• [Exercise requirements]:
Copy out, unchanged, every line from the start of the records to the line that contains "doc.units = 0", and stop there.

• [Records shown]:
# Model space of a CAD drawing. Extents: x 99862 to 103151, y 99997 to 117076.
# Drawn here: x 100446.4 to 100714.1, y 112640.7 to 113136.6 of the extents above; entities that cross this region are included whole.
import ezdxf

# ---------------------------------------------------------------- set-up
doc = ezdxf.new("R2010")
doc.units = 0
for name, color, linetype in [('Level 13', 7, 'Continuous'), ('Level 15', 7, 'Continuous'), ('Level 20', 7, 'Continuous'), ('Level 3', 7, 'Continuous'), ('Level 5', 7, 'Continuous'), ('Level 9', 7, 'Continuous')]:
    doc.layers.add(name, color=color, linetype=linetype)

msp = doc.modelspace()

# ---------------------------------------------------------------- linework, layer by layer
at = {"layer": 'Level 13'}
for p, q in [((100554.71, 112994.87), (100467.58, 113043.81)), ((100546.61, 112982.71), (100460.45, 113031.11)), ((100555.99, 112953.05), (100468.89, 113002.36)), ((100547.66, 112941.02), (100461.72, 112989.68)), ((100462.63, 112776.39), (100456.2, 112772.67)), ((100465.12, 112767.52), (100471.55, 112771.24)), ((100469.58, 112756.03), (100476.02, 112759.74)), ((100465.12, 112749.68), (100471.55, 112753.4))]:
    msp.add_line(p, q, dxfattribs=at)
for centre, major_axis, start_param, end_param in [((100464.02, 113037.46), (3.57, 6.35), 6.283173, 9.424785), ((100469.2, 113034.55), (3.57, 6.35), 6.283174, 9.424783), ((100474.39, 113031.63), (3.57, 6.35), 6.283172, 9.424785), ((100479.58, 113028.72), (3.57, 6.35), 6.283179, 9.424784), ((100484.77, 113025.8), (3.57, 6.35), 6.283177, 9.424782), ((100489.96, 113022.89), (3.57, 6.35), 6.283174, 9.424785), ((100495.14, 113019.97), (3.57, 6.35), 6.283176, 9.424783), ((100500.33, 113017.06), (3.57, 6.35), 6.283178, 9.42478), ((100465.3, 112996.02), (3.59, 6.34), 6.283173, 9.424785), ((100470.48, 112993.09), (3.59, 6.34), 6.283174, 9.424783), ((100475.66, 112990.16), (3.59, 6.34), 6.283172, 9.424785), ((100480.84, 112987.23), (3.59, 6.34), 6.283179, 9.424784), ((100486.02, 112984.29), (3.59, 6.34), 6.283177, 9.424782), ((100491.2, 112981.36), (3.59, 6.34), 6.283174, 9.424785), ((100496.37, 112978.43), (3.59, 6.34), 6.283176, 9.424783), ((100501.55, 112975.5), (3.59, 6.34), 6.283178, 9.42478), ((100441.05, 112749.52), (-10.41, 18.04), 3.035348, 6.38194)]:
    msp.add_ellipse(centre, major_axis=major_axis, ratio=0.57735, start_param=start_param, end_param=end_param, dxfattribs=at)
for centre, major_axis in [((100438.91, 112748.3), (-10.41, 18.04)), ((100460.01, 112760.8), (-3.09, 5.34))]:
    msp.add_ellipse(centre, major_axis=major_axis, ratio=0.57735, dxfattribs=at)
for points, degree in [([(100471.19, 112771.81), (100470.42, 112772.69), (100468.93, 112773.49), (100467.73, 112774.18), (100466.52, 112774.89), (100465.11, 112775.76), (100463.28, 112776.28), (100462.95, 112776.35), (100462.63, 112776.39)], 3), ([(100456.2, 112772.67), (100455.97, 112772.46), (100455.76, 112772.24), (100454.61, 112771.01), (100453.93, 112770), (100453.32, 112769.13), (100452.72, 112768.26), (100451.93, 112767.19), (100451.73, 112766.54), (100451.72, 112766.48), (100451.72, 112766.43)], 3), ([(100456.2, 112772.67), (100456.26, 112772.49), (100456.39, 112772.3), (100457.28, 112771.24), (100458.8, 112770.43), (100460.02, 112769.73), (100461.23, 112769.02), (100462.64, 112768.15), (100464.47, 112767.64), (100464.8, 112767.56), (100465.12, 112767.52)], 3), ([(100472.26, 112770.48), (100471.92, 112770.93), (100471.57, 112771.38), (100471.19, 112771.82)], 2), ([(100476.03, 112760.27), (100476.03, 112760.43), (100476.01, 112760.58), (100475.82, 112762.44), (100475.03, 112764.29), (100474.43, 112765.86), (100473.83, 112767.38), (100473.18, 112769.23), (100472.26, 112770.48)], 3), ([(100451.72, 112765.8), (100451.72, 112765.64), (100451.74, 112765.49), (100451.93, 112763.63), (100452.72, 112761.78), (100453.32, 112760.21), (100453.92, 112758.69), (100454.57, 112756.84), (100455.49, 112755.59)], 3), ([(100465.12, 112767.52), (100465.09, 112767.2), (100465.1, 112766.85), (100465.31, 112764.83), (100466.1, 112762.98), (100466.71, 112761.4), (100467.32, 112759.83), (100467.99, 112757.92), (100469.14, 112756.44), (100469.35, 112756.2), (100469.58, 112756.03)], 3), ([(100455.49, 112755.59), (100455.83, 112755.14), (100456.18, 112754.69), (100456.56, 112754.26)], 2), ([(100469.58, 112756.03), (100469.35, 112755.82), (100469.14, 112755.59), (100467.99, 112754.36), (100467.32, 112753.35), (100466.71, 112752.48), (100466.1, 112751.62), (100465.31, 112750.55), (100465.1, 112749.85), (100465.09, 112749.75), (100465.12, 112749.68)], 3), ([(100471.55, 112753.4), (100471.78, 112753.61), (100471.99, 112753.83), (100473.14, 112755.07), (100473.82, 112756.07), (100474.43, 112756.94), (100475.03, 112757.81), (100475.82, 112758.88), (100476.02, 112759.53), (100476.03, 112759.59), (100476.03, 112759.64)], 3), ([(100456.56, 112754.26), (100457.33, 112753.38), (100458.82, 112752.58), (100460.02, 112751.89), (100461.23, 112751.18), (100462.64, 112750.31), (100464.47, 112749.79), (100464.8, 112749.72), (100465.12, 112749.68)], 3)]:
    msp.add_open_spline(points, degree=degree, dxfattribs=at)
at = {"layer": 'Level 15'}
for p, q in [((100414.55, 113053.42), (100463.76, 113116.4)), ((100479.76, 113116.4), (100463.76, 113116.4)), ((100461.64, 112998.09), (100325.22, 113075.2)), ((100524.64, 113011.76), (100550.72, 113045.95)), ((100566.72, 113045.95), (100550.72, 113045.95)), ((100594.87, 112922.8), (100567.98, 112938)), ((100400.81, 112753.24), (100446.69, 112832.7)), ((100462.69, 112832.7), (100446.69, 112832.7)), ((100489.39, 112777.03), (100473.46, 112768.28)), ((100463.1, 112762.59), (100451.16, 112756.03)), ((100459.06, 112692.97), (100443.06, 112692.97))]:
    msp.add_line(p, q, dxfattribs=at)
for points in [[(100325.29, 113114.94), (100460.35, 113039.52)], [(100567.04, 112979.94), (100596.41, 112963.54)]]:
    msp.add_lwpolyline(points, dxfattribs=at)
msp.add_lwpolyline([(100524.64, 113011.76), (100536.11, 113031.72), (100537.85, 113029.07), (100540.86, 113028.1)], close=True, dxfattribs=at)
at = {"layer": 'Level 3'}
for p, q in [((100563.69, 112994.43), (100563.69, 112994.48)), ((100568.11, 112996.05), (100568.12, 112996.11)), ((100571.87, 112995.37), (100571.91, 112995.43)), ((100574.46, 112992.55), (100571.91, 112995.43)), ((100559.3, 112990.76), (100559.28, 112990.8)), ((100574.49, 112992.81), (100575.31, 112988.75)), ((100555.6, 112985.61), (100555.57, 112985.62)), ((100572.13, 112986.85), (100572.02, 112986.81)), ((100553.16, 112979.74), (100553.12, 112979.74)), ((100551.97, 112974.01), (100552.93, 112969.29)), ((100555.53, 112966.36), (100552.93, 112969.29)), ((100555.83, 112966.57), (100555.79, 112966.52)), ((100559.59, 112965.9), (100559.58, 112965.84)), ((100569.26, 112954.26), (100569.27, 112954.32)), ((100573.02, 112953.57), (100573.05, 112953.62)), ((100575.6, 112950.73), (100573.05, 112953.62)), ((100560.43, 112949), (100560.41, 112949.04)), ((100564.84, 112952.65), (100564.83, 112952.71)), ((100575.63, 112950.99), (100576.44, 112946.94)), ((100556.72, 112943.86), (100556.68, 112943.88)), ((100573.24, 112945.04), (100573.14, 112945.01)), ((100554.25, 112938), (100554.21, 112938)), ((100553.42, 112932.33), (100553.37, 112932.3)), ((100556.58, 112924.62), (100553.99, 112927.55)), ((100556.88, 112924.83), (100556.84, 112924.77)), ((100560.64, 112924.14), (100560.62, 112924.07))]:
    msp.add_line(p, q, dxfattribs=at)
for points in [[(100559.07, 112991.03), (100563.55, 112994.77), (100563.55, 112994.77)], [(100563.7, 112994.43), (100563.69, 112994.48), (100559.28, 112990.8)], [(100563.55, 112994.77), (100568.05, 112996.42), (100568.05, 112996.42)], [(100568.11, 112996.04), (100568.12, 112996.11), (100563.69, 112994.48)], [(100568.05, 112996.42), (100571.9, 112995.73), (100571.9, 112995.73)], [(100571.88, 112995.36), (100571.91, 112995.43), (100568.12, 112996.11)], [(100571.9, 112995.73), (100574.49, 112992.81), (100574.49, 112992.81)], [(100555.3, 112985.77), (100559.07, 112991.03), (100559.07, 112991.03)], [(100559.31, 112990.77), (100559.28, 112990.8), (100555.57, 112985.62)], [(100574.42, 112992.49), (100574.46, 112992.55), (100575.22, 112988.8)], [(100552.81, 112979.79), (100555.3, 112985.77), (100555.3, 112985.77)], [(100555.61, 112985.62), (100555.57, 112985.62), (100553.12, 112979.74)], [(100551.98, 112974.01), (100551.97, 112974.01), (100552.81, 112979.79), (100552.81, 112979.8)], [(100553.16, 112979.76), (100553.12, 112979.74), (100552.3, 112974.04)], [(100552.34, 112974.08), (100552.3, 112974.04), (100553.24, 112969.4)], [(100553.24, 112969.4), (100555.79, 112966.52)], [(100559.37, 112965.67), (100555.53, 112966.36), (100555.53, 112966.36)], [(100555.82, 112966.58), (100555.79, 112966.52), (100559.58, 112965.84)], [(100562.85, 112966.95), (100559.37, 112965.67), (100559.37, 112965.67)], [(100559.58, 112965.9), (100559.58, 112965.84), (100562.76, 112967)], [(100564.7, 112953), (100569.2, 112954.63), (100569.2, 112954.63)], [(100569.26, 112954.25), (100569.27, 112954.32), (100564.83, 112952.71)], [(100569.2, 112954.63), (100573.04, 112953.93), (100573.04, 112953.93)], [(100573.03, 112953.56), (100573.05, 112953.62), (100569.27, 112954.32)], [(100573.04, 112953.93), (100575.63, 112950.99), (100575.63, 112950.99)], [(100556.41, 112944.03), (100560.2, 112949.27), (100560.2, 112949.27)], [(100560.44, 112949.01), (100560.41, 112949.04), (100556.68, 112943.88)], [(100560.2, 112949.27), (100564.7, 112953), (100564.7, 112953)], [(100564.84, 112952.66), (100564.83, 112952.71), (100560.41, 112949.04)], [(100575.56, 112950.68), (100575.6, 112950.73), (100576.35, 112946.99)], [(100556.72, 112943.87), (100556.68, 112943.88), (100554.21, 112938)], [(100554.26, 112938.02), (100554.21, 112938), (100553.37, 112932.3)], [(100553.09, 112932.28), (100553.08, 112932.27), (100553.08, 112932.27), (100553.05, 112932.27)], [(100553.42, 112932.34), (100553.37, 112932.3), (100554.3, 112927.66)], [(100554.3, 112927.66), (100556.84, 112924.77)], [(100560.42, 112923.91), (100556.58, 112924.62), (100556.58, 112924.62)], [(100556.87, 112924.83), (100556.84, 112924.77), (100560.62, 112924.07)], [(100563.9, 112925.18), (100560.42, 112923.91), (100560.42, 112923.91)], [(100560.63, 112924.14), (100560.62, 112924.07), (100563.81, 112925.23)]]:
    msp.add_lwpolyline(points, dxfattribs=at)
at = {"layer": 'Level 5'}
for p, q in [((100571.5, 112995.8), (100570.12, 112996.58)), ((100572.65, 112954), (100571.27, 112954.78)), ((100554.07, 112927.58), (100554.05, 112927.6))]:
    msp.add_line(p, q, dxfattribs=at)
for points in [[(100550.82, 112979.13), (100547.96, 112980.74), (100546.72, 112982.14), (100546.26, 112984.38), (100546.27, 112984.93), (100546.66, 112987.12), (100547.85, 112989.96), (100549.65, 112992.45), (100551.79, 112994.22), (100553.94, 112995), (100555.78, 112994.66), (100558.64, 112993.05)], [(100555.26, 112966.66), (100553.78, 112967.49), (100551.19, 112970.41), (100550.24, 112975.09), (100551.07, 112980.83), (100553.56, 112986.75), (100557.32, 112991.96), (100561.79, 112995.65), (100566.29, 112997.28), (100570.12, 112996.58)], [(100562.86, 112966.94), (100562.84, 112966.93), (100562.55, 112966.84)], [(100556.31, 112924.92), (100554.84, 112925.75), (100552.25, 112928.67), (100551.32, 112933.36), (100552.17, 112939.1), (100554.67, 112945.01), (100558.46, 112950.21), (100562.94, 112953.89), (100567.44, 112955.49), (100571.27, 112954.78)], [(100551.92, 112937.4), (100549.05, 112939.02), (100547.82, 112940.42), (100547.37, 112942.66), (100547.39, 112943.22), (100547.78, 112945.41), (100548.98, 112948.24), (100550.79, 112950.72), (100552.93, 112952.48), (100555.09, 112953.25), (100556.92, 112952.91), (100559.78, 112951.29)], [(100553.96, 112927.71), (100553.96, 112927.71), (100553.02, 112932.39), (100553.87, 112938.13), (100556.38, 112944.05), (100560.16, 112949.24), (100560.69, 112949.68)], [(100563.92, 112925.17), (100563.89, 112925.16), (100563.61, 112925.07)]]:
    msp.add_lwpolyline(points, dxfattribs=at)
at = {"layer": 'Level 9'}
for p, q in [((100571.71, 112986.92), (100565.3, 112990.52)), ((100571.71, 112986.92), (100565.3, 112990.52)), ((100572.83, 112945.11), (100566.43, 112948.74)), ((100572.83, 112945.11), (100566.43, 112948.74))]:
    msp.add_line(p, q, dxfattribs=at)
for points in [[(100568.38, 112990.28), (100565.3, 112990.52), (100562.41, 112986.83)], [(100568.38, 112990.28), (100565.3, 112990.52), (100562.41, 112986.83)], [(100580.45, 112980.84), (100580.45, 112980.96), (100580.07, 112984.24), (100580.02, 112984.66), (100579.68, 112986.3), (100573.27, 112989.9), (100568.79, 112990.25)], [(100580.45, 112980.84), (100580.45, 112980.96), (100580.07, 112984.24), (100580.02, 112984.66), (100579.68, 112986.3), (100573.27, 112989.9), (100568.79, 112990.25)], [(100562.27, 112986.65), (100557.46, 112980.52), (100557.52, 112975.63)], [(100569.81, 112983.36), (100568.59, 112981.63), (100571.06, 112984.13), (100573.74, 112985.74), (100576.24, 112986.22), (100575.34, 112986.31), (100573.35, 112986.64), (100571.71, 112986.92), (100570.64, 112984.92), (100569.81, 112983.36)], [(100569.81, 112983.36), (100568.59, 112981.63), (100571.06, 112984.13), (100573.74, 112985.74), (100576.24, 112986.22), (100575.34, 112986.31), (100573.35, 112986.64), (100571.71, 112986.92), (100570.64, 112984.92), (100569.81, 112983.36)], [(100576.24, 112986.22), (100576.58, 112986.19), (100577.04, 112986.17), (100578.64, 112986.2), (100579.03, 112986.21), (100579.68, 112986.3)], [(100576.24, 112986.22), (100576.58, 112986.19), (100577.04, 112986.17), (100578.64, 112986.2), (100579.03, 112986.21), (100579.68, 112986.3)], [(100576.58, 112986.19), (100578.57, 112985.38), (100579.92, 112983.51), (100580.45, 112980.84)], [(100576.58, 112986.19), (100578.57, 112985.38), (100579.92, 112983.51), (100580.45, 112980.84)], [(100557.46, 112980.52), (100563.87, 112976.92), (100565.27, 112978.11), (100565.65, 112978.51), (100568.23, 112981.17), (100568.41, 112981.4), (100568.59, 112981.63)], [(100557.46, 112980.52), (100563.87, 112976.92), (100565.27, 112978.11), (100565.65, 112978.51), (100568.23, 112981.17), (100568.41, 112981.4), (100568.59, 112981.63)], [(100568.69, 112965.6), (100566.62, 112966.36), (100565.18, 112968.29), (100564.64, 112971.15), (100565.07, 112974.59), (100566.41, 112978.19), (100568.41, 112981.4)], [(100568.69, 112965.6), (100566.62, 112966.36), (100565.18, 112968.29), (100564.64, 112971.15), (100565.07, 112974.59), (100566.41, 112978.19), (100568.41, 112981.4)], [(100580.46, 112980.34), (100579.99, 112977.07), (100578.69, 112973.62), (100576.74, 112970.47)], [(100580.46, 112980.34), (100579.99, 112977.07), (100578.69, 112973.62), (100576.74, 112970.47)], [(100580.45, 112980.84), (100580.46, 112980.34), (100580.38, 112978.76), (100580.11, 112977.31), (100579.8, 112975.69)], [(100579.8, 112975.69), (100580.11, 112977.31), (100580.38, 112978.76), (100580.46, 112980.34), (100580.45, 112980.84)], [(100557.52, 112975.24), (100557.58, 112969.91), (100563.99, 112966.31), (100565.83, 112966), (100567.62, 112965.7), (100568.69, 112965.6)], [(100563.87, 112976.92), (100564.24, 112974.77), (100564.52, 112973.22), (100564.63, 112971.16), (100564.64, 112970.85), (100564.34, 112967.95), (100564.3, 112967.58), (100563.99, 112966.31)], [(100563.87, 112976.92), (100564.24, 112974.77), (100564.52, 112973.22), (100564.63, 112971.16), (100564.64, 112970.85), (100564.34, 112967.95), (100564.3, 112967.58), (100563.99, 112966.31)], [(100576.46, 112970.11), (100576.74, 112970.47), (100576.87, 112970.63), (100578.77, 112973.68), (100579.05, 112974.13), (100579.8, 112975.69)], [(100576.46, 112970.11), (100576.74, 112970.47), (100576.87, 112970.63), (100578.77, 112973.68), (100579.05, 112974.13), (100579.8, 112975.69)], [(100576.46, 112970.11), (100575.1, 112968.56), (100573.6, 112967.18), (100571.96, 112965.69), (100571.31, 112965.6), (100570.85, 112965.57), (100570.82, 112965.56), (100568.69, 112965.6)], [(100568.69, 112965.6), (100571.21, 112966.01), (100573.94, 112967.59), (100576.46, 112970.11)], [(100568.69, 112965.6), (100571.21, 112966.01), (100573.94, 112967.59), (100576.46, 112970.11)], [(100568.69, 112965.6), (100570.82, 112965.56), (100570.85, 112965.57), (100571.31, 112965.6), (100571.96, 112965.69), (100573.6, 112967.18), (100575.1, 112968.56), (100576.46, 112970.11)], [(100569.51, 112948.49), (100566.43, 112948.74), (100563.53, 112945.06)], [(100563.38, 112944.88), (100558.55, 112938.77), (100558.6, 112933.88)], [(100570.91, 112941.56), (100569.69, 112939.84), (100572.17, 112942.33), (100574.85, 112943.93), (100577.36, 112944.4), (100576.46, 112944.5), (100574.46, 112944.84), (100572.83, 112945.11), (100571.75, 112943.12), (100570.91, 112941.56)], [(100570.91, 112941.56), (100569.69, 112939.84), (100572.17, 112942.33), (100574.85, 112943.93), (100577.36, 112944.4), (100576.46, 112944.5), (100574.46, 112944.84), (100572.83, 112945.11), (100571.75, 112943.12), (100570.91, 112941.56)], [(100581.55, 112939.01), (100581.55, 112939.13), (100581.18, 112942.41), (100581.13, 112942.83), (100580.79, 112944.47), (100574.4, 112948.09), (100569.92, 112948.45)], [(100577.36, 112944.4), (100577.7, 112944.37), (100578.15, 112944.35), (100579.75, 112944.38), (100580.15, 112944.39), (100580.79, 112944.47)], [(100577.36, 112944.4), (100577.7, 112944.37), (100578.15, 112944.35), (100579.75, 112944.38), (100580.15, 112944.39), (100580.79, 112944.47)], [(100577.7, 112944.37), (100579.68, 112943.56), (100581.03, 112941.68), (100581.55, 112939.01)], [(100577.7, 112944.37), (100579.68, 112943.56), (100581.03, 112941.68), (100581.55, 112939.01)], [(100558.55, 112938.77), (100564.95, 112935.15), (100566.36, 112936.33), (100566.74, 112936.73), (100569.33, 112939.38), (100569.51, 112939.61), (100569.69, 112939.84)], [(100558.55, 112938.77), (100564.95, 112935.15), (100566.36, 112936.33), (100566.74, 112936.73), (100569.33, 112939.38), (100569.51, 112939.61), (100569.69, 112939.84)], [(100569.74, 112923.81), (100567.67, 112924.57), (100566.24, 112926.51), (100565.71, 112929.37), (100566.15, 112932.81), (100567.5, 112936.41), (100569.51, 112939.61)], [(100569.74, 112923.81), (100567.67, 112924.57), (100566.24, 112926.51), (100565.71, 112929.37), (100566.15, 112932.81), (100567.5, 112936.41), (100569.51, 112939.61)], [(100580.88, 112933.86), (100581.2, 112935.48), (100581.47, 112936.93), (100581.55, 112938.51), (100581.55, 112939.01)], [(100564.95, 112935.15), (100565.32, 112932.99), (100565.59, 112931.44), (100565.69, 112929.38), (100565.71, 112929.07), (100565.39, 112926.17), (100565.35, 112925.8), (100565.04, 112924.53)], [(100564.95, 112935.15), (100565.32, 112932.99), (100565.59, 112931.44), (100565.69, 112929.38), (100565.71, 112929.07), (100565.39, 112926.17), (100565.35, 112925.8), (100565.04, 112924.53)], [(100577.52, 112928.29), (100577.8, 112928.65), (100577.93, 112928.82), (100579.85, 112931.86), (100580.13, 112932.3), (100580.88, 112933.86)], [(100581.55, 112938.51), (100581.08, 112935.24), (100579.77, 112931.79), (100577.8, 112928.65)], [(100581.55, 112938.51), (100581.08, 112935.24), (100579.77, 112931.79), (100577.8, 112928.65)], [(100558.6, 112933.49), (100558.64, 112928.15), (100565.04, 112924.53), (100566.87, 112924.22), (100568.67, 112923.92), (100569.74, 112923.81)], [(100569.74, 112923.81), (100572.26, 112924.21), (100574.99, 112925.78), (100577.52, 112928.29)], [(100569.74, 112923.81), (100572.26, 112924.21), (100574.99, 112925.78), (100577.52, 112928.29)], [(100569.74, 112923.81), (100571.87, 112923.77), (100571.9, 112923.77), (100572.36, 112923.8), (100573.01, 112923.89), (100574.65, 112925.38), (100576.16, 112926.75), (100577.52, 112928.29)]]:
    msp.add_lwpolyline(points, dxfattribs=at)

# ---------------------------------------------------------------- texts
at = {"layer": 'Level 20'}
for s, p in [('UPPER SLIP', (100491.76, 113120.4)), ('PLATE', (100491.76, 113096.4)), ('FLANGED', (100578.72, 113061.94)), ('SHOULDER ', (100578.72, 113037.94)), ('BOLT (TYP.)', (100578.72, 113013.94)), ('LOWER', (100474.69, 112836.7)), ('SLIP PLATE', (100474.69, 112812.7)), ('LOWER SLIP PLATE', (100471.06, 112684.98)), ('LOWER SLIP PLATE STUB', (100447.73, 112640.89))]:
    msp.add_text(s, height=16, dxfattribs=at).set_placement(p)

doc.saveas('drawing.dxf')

• [Task response]:
# Model space of a CAD drawing. Extents: x 99862 to 103151, y 99997 to 117076.
# Drawn here: x 100446.4 to 100714.1, y 112640.7 to 113136.6 of the extents above; entities that cross this region are included whole.
import ezdxf

# ---------------------------------------------------------------- set-up
doc = ezdxf.new("R2010")
doc.units = 0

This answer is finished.